• WORKING DATA
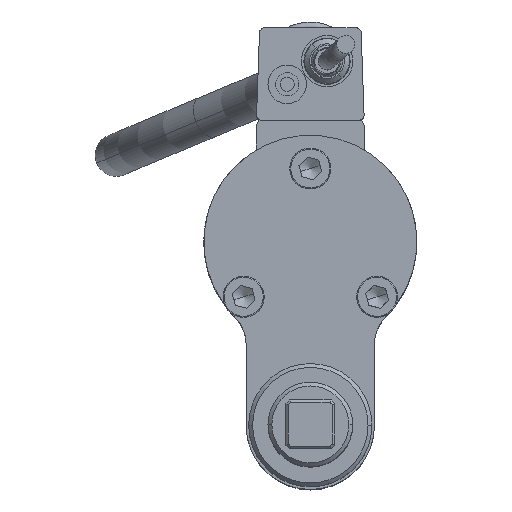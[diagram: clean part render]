
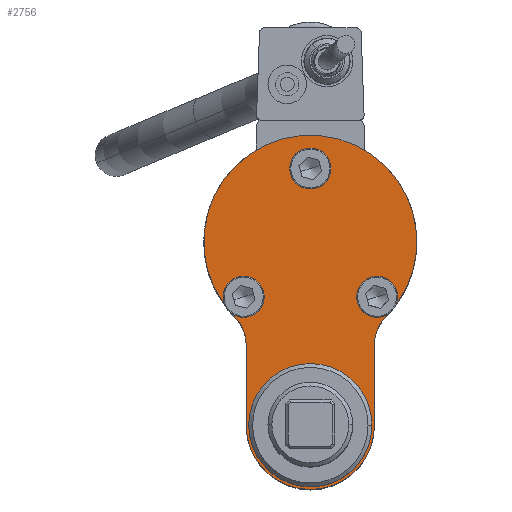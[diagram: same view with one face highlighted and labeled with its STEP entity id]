
A CAD part, top view. The second image highlights one B-rep face of the part: STEP entity #2756.
In plain terms, the highlighted planar face has unit normal (0, 0, 1).
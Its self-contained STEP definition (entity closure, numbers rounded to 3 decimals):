
#2492=AXIS2_PLACEMENT_3D('Circle Axis2P3D',#2490,#2491,$) ;
#2518=AXIS2_PLACEMENT_3D('Circle Axis2P3D',#2516,#2517,$) ;
#2621=AXIS2_PLACEMENT_3D('Circle Axis2P3D',#2619,#2620,$) ;
#2647=AXIS2_PLACEMENT_3D('Circle Axis2P3D',#2645,#2646,$) ;
#2660=AXIS2_PLACEMENT_3D('Plane Axis2P3D',#2657,#2658,#2659) ;
#2664=AXIS2_PLACEMENT_3D('Circle Axis2P3D',#2662,#2663,$) ;
#2673=AXIS2_PLACEMENT_3D('Circle Axis2P3D',#2671,#2672,$) ;
#2687=AXIS2_PLACEMENT_3D('Circle Axis2P3D',#2685,#2686,$) ;
#2701=AXIS2_PLACEMENT_3D('Circle Axis2P3D',#2699,#2700,$) ;
#2714=AXIS2_PLACEMENT_3D('Circle Axis2P3D',#2712,#2713,$) ;
#2723=AXIS2_PLACEMENT_3D('Circle Axis2P3D',#2721,#2722,$) ;
#2736=AXIS2_PLACEMENT_3D('Circle Axis2P3D',#2734,#2735,$) ;
#2745=AXIS2_PLACEMENT_3D('Circle Axis2P3D',#2743,#2744,$) ;
#2490=CARTESIAN_POINT('Axis2P3D Location',(26.,-21.5,483.6)) ;
#2494=CARTESIAN_POINT('Vertex',(21.447,-19.013,483.6)) ;
#2496=CARTESIAN_POINT('Vertex',(30.553,-23.987,483.6)) ;
#2516=CARTESIAN_POINT('Axis2P3D Location',(26.,-21.5,483.6)) ;
#2619=CARTESIAN_POINT('Axis2P3D Location',(-26.,-21.5,483.6)) ;
#2623=CARTESIAN_POINT('Vertex',(-30.553,-19.013,483.6)) ;
#2625=CARTESIAN_POINT('Vertex',(-21.447,-23.987,483.6)) ;
#2645=CARTESIAN_POINT('Axis2P3D Location',(-26.,-21.5,483.6)) ;
#2657=CARTESIAN_POINT('Axis2P3D Location',(0.,0.,483.6)) ;
#2662=CARTESIAN_POINT('Axis2P3D Location',(0.,0.,483.6)) ;
#2666=CARTESIAN_POINT('Vertex',(29.381,-29.309,483.6)) ;
#2668=CARTESIAN_POINT('Vertex',(-29.381,-29.309,483.6)) ;
#2671=CARTESIAN_POINT('Axis2P3D Location',(-40.,-39.903,483.6)) ;
#2675=CARTESIAN_POINT('Vertex',(-25.,-39.903,483.6)) ;
#2678=CARTESIAN_POINT('Line Origine',(-25.,-55.702,483.6)) ;
#2682=CARTESIAN_POINT('Vertex',(-25.,-71.5,483.6)) ;
#2685=CARTESIAN_POINT('Axis2P3D Location',(0.,-71.5,483.6)) ;
#2689=CARTESIAN_POINT('Vertex',(25.,-71.5,483.6)) ;
#2692=CARTESIAN_POINT('Line Origine',(25.,-55.702,483.6)) ;
#2696=CARTESIAN_POINT('Vertex',(25.,-39.903,483.6)) ;
#2699=CARTESIAN_POINT('Axis2P3D Location',(40.,-39.903,483.6)) ;
#2712=CARTESIAN_POINT('Axis2P3D Location',(0.,28.5,483.6)) ;
#2716=CARTESIAN_POINT('Vertex',(-4.553,30.987,483.6)) ;
#2718=CARTESIAN_POINT('Vertex',(4.553,26.013,483.6)) ;
#2721=CARTESIAN_POINT('Axis2P3D Location',(0.,28.5,483.6)) ;
#2734=CARTESIAN_POINT('Axis2P3D Location',(0.,-71.5,483.6)) ;
#2738=CARTESIAN_POINT('Vertex',(24.,-71.5,483.6)) ;
#2740=CARTESIAN_POINT('Vertex',(-24.,-71.5,483.6)) ;
#2743=CARTESIAN_POINT('Axis2P3D Location',(0.,-71.5,483.6)) ;
#2491=DIRECTION('Axis2P3D Direction',(0.,0.,1.)) ;
#2517=DIRECTION('Axis2P3D Direction',(0.,0.,1.)) ;
#2620=DIRECTION('Axis2P3D Direction',(0.,0.,1.)) ;
#2646=DIRECTION('Axis2P3D Direction',(0.,0.,1.)) ;
#2658=DIRECTION('Axis2P3D Direction',(0.,0.,1.)) ;
#2659=DIRECTION('Axis2P3D XDirection',(1.,0.,0.)) ;
#2663=DIRECTION('Axis2P3D Direction',(0.,0.,1.)) ;
#2672=DIRECTION('Axis2P3D Direction',(0.,0.,1.)) ;
#2679=DIRECTION('Vector Direction',(0.,1.,0.)) ;
#2686=DIRECTION('Axis2P3D Direction',(0.,0.,1.)) ;
#2693=DIRECTION('Vector Direction',(0.,1.,0.)) ;
#2700=DIRECTION('Axis2P3D Direction',(0.,0.,1.)) ;
#2713=DIRECTION('Axis2P3D Direction',(0.,0.,1.)) ;
#2722=DIRECTION('Axis2P3D Direction',(0.,0.,1.)) ;
#2735=DIRECTION('Axis2P3D Direction',(0.,0.,1.)) ;
#2744=DIRECTION('Axis2P3D Direction',(0.,0.,1.)) ;
#2680=VECTOR('Line Direction',#2679,1.) ;
#2694=VECTOR('Line Direction',#2693,1.) ;
#2705=ORIENTED_EDGE('',*,*,#2670,.T.) ;
#2706=ORIENTED_EDGE('',*,*,#2677,.T.) ;
#2707=ORIENTED_EDGE('',*,*,#2684,.T.) ;
#2708=ORIENTED_EDGE('',*,*,#2691,.T.) ;
#2709=ORIENTED_EDGE('',*,*,#2698,.T.) ;
#2710=ORIENTED_EDGE('',*,*,#2703,.T.) ;
#2727=ORIENTED_EDGE('',*,*,#2720,.F.) ;
#2728=ORIENTED_EDGE('',*,*,#2725,.F.) ;
#2731=ORIENTED_EDGE('',*,*,#2627,.F.) ;
#2732=ORIENTED_EDGE('',*,*,#2649,.F.) ;
#2749=ORIENTED_EDGE('',*,*,#2742,.F.) ;
#2750=ORIENTED_EDGE('',*,*,#2747,.F.) ;
#2753=ORIENTED_EDGE('',*,*,#2498,.F.) ;
#2754=ORIENTED_EDGE('',*,*,#2520,.F.) ;
#2729=FACE_BOUND('',#2726,.T.) ;
#2733=FACE_BOUND('',#2730,.T.) ;
#2751=FACE_BOUND('',#2748,.T.) ;
#2755=FACE_BOUND('',#2752,.T.) ;
#2756=ADVANCED_FACE('AOD-350-300.1\\AOD350-300.1\\Hauptk\X2\00F6\X0\rper',(#2711,#2729,#2733,#2751,#2755),#2661,.T.) ;
#2493=CIRCLE('generated circle',#2492,5.188) ;
#2519=CIRCLE('generated circle',#2518,5.188) ;
#2622=CIRCLE('generated circle',#2621,5.188) ;
#2648=CIRCLE('generated circle',#2647,5.188) ;
#2665=CIRCLE('generated circle',#2664,41.5) ;
#2674=CIRCLE('generated circle',#2673,15.) ;
#2688=CIRCLE('generated circle',#2687,25.) ;
#2702=CIRCLE('generated circle',#2701,15.) ;
#2715=CIRCLE('generated circle',#2714,5.188) ;
#2724=CIRCLE('generated circle',#2723,5.188) ;
#2737=CIRCLE('generated circle',#2736,24.) ;
#2746=CIRCLE('generated circle',#2745,24.) ;
#2498=EDGE_CURVE('',#2495,#2497,#2493,.T.) ;
#2520=EDGE_CURVE('',#2497,#2495,#2519,.T.) ;
#2627=EDGE_CURVE('',#2624,#2626,#2622,.T.) ;
#2649=EDGE_CURVE('',#2626,#2624,#2648,.T.) ;
#2670=EDGE_CURVE('',#2667,#2669,#2665,.T.) ;
#2677=EDGE_CURVE('',#2669,#2676,#2674,.F.) ;
#2684=EDGE_CURVE('',#2676,#2683,#2681,.F.) ;
#2691=EDGE_CURVE('',#2683,#2690,#2688,.T.) ;
#2698=EDGE_CURVE('',#2690,#2697,#2695,.T.) ;
#2703=EDGE_CURVE('',#2697,#2667,#2702,.F.) ;
#2720=EDGE_CURVE('',#2717,#2719,#2715,.T.) ;
#2725=EDGE_CURVE('',#2719,#2717,#2724,.T.) ;
#2742=EDGE_CURVE('',#2739,#2741,#2737,.T.) ;
#2747=EDGE_CURVE('',#2741,#2739,#2746,.T.) ;
#2704=EDGE_LOOP('',(#2705,#2706,#2707,#2708,#2709,#2710)) ;
#2726=EDGE_LOOP('',(#2727,#2728)) ;
#2730=EDGE_LOOP('',(#2731,#2732)) ;
#2748=EDGE_LOOP('',(#2749,#2750)) ;
#2752=EDGE_LOOP('',(#2753,#2754)) ;
#2711=FACE_OUTER_BOUND('',#2704,.T.) ;
#2681=LINE('Line',#2678,#2680) ;
#2695=LINE('Line',#2692,#2694) ;
#2661=PLANE('Plane',#2660) ;
#2495=VERTEX_POINT('',#2494) ;
#2497=VERTEX_POINT('',#2496) ;
#2624=VERTEX_POINT('',#2623) ;
#2626=VERTEX_POINT('',#2625) ;
#2667=VERTEX_POINT('',#2666) ;
#2669=VERTEX_POINT('',#2668) ;
#2676=VERTEX_POINT('',#2675) ;
#2683=VERTEX_POINT('',#2682) ;
#2690=VERTEX_POINT('',#2689) ;
#2697=VERTEX_POINT('',#2696) ;
#2717=VERTEX_POINT('',#2716) ;
#2719=VERTEX_POINT('',#2718) ;
#2739=VERTEX_POINT('',#2738) ;
#2741=VERTEX_POINT('',#2740) ;

• WHAT YOU WILL DO
The result should consist solely of the lines from the one that contains "#2711=FACE_OUTER_BOUND('',#2704,.T.) ;" to the last line of the records above, reproduced exactly.

• YOUR RESPONSE
#2711=FACE_OUTER_BOUND('',#2704,.T.) ;
#2681=LINE('Line',#2678,#2680) ;
#2695=LINE('Line',#2692,#2694) ;
#2661=PLANE('Plane',#2660) ;
#2495=VERTEX_POINT('',#2494) ;
#2497=VERTEX_POINT('',#2496) ;
#2624=VERTEX_POINT('',#2623) ;
#2626=VERTEX_POINT('',#2625) ;
#2667=VERTEX_POINT('',#2666) ;
#2669=VERTEX_POINT('',#2668) ;
#2676=VERTEX_POINT('',#2675) ;
#2683=VERTEX_POINT('',#2682) ;
#2690=VERTEX_POINT('',#2689) ;
#2697=VERTEX_POINT('',#2696) ;
#2717=VERTEX_POINT('',#2716) ;
#2719=VERTEX_POINT('',#2718) ;
#2739=VERTEX_POINT('',#2738) ;
#2741=VERTEX_POINT('',#2740) ;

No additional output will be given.